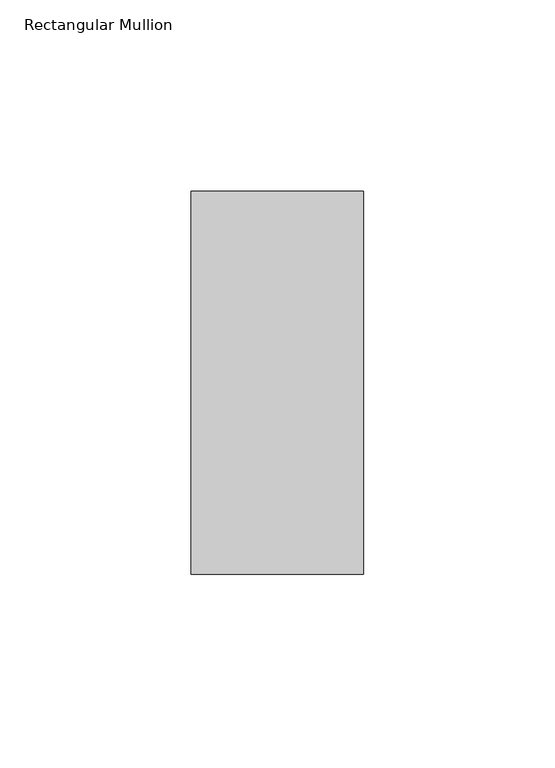
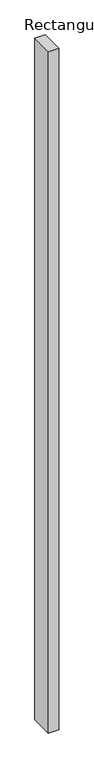
"""IFC4 building model written with IfcOpenShell, lengths in millimetres: member geometry, Rectangular Mullion : 알루미늄_Rectangular Cap_100 x 45."""

from ifc_helpers import new_model, si_unit, frame, origin, place, context, project, spatial, polyline, outline, extrude, source, transform, mapped, element, save


def rectangular_mullion_35e44d10(model_context):
    return source(origin(), model_context, "Body", "SweptSolid", [
        extrude(outline(polyline([(0.0, 50.0), (0.0, -50.0), (-45.0, -50.0), (-45.0, 50.0), (0.0, 50.0)])), frame((0.0, 0.0, -3100.0), z_axis=(0.0, 0.0, 1.0), x_axis=(1.0, 0.0, 0.0)), (0.0, 0.0, 1.0), 3100.0),
    ])


if __name__ == "__main__":
    model = new_model("IFC4")
    model_context = context("Model", 3, world=origin())
    ifc_project = project(units=[si_unit("LENGTHUNIT", "METRE", prefix="MILLI")], contexts=[model_context])
    site = spatial("IfcSite", under=ifc_project)
    building = spatial("IfcBuilding", under=site)
    placement = place(None, origin())
    rectangular_mullion_shape = rectangular_mullion_35e44d10(model_context)
    element("IfcMember", 1, ObjectType="Rectangular Mullion : 알루미늄_Rectangular Cap_100 x 45", at=placement, inside=building, context=model_context, shape_type="MappedRepresentation", body=[
        mapped(rectangular_mullion_shape, transform((0.0, 0.0, 0.0), x_axis=(1.0, 0.0, 0.0), y_axis=(0.0, 1.0, 0.0), z_axis=(0.0, 0.0, 1.0))),
    ])
    save(model, "model.ifc")

# Revit data of these elements
# Type "Rectangular Mullion : 알루미늄_Rectangular Cap_100 x 45"
#   built-in parameter 1007304 = 0.328084 (stored number, unit not read)
#   built-in parameter 1007301 = 0.0738189 (stored number, unit not read)
#   built-in parameter 1007300 = 0.0738189 (stored number, unit not read)
# Element 1 (IfcMember, "Rectangular Mullion : 알루미늄_Rectangular Cap_100 x 45")
#   Materials on its faces: "00_Metal_Stainless Steel"
# Materials
#   "00_Metal_Stainless Steel": class "Metal", colour RGB 148 148 148, transparency 0, Description = "Steel", Cost = 0

--------------------------------------------------

_YOUR OBJECTIVE_: The answer is the line holding "1007300 = 0.0738189 (stored number, unit not read)" and all the lines after it through the end of the records, repeated exactly.

_SOLUTION TO THE EXERCISE_:
#   built-in parameter 1007300 = 0.0738189 (stored number, unit not read)
# Element 1 (IfcMember, "Rectangular Mullion : 알루미늄_Rectangular Cap_100 x 45")
#   Materials on its faces: "00_Metal_Stainless Steel"
# Materials
#   "00_Metal_Stainless Steel": class "Metal", colour RGB 148 148 148, transparency 0, Description = "Steel", Cost = 0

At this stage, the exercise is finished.